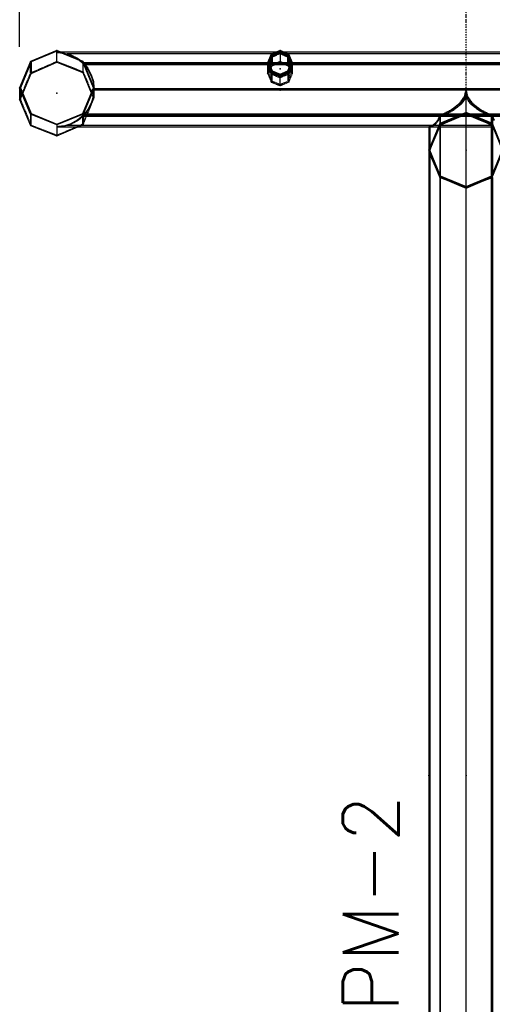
# Model space of a CAD drawing. Extents: x 551880 to 585869, y 94458 to 133000.
# Tile 23 of 42: x 551880 to 553786, y 124296 to 128262. Entities that reach past the tile are written whole.
import ezdxf
from ezdxf.enums import TextEntityAlignment as Align

# ---------------------------------------------------------------- set-up
doc = ezdxf.new("R2010")
doc.units = 0
doc.header["$LTSCALE"] = 10
doc.header["$MEASUREMENT"] = 0
doc.linetypes.add('DASHDOT', pattern=[1, 0.5, -0.25, 0, -0.25])
doc.linetypes.add('HIDDEN', pattern=[0.375, 0.25, -0.125])
doc.layers.get('0').update_dxf_attribs({"linetype": 'CONTINUOUS'})
doc.layers.get('Defpoints').update_dxf_attribs({"linetype": 'CONTINUOUS'})
for name, color, linetype in [('A', 2, 'DASHDOT'), ('FORIR', 4, 'CONTINUOUS'), ('G', 3, 'CONTINUOUS'), ('mark3d', 2, 'CONTINUOUS'), ('MV', 7, 'CONTINUOUS'), ('S', 7, 'CONTINUOUS'), ('TR', 6, 'HIDDEN'), ('TXT1', 7, 'CONTINUOUS')]:
    doc.layers.add(name, color=color, linetype=linetype)
doc.styles.add('PADRAO MTL', font='txt.shx', dxfattribs={"width": 0.8, "oblique": 5})
doc.styles.add('POS', font='ROMANS', dxfattribs={"width": 0.7})
doc.styles.get("Standard").update_dxf_attribs({"font": 'txt.shx', "width": 0.7, "oblique": 5})
doc.dimstyles.new('1-75', dxfattribs={"dimscale": 75, "dimtxt": 2.5, "dimasz": 2, "dimexe": 2, "dimexo": 2, "dimgap": 2, "dimtad": 1, "dimdec": 0, "dimdsep": 46, "dimtxsty": 'PADRAO MTL', "dimcen": 3, "dimclrd": 1, "dimclre": 1, "dimclrt": 7, "dimadec": 0, "dimazin": 0, "dimtfac": 1, "dimtdec": 0, "dimtmove": 0, "dimatfit": 3, "dimfxl": 1, "dimtfill": 1, "dimtolj": 1, "dimarcsym": 0})

# ---------------------------------------------------------------- blocks, each defined once
blk = doc.blocks.new('3D_INFOM')
blk.add_point((0, 0))
at = {"layer": 'FORIR', "flags": 1}
blk.add_attdef('MARK', (7.6, -4.3), '', height=5.26, dxfattribs=at)
blk = doc.blocks.new('3D_INFOTEXT')
blk.add_point((0, 0))
at = {"flags": 1}
for tag, p in [('MAR_PEZ', (7.2, 4.1)), ('POS_PEZ', (7.6, -4.3)), ('HANDLE', (7, -38.5)), ('LUN_PRO', (7.2, -21.9)), ('NOM_PRO', (7.6, -13.2)), ('MAT_PRO', (7.6, -30.1))]:
    blk.add_attdef(tag, p, '', height=5.26, dxfattribs=at)
blk = doc.blocks.new('*D63')
at = {"layer": 'Defpoints', "color": 0, "transparency": 16777216}
for p in [(551879.6, 130544.6), (553679.6, 130544.6), (551879.6, 128002.4)]:
    blk.add_point(p, dxfattribs=at)
at = {"layer": 'MV', "color": 1, "lineweight": -2, "transparency": 16777216}
for p, q in [((551879.6, 128152.4), (551879.6, 130694.6)), ((553529.6, 130544.6), (552029.6, 130544.6))]:
    blk.add_line(p, q, dxfattribs=at)
at = {"layer": 'MV', "color": 1, "transparency": 16777216}
for points in [[(552029.6, 130569.6), (552029.6, 130519.6), (551879.6, 130544.6)], [(553529.6, 130569.6), (553529.6, 130519.6), (553679.6, 130544.6)]]:
    blk.add_solid(points, dxfattribs=at)
at = {"layer": 'MV', "color": 7, "transparency": 16777216, "insert": (552779.6, 130788.4), "char_height": 187.5, "attachment_point": 5, "style": 'PADRAO MTL', "bg_fill": 3, "box_fill_scale": 1.25, "bg_fill_color": 256, "bg_fill_true_color": 13158600, "bg_fill_transparency": 0}
blk.add_mtext('\\A1;1800', dxfattribs=at)
blk = doc.blocks.new('mark3d1')
at = {"layer": 'mark3d', "color": 4, "style": 'POS'}
blk.add_attdef('MARK', text='', height=3, dxfattribs=at).set_placement((7.179, -1.226), align=Align.CENTER)

msp = doc.modelspace()

# ---------------------------------------------------------------- linework, layer by layer
at = {"layer": 'A'}
msp.add_line((553679.6, 120957.3), (553679.6, 132395.4), dxfattribs=at)
at = {"layer": 'G'}
for p, q in [((552029.6, 128091.3), (552029.6, 128135.7)), ((552911.7, 128130.9), (552047.6, 128130.9)), ((552052.7, 128128.8), (552058.9, 128128.2)), ((552053.4, 128128.5), (552058.9, 128127.9)), ((552058.9, 128128.2), (552087, 128120.1)), ((552058.9, 128127.9), (552087, 128119)), ((552087, 128119.8), (552070.5, 128124.6)), ((552070.5, 128124.6), (552087, 128119.3)), ((552087, 128120.1), (552113, 128106.9)), ((552113, 128106.6), (552087, 128119.8)), ((552087, 128119.3), (552113, 128104.8)), ((552087, 128119), (552113, 128104.5)), ((552113, 128106.9), (552121.3, 128100.4)), ((552120.5, 128100.7), (552113, 128106.6)), ((552113, 128104.8), (552115.1, 128103)), ((552113, 128104.5), (552114.4, 128103.2)), ((552886.9, 128089.1), (552894.6, 128107.3)), ((552894.6, 128107.3), (552897.6, 128114.3)), ((552897.6, 128114.3), (552913.4, 128120.6)), ((552897.6, 128114.3), (552897.6, 128120.3)), ((552913.4, 128120.6), (552929.6, 128126.9)), ((552929.6, 128133.6), (552929.6, 128126.9)), ((552929.6, 128126.9), (552945.8, 128120.6)), ((552945.8, 128120.6), (552961.6, 128114.3)), ((553961.7, 128130.9), (552947.6, 128130.9)), ((552961.6, 128120.3), (552961.6, 128114.3)), ((552961.6, 128114.3), (552964.7, 128107.3)), ((552964.7, 128107.3), (552972.4, 128089.1)), ((551925.4, 128092.5), (551925.4, 128046.1)), ((551925.4, 128046.1), (552029.6, 128091.3)), ((552029.6, 128091.3), (552133.8, 128050.2)), ((552133.8, 128092.5), (552133.8, 128050.2)), ((552879.9, 128089.1), (552137.9, 128089.1)), ((552140, 128083.9), (552154.3, 128066.6)), ((552140.2, 128083.6), (552154.3, 128066.5)), ((552142.8, 128080.5), (552141.5, 128080.5)), ((552143.6, 128075.3), (552154.3, 128062.1)), ((552143.7, 128075.1), (552154.3, 128062)), ((552154.3, 128066.6), (552168.2, 128040.9)), ((552154.3, 128066.5), (552168.2, 128040.8)), ((552879.6, 128088.3), (552879.6, 128083.2)), ((552879.6, 128083.2), (552886.5, 128066.8)), ((552885.4, 128085.7), (552886.9, 128089.1)), ((552886.5, 128066.8), (552894.3, 128048.3)), ((552965, 128048.3), (552972.7, 128066.8)), ((552972.4, 128089.1), (552973.8, 128085.7)), ((552972.7, 128066.8), (552979.6, 128083.2)), ((553929.9, 128089.1), (552979.3, 128089.1)), ((552979.6, 128083.2), (552979.6, 128088.3)), ((551892, 127964.8), (551925.4, 128046.1)), ((552133.8, 128050.2), (552168.4, 127967.5)), ((552154.3, 128062.1), (552168.2, 128036)), ((552154.3, 128062), (552168.2, 128035.9)), ((552168.2, 128040.9), (552176.7, 128013)), ((552168.2, 128040.8), (552176.7, 128012.9)), ((552168.2, 128036), (552176.7, 128007.6)), ((552168.2, 128035.9), (552176.7, 128007.5)), ((552894.3, 128053), (552894.3, 128048.3)), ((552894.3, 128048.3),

__The task__:
Write out every line in the data that holds the string "DASHDOT".

__Exercise output__:
doc.linetypes.add('DASHDOT', pattern=[1, 0.5, -0.25, 0, -0.25])
for name, color, linetype in [('A', 2, 'DASHDOT'), ('FORIR', 4, 'CONTINUOUS'), ('G', 3, 'CONTINUOUS'), ('mark3d', 2, 'CONTINUOUS'), ('MV', 7, 'CONTINUOUS'), ('S', 7, 'CONTINUOUS'), ('TR', 6, 'HIDDEN'), ('TXT1', 7, 'CONTINUOUS')]:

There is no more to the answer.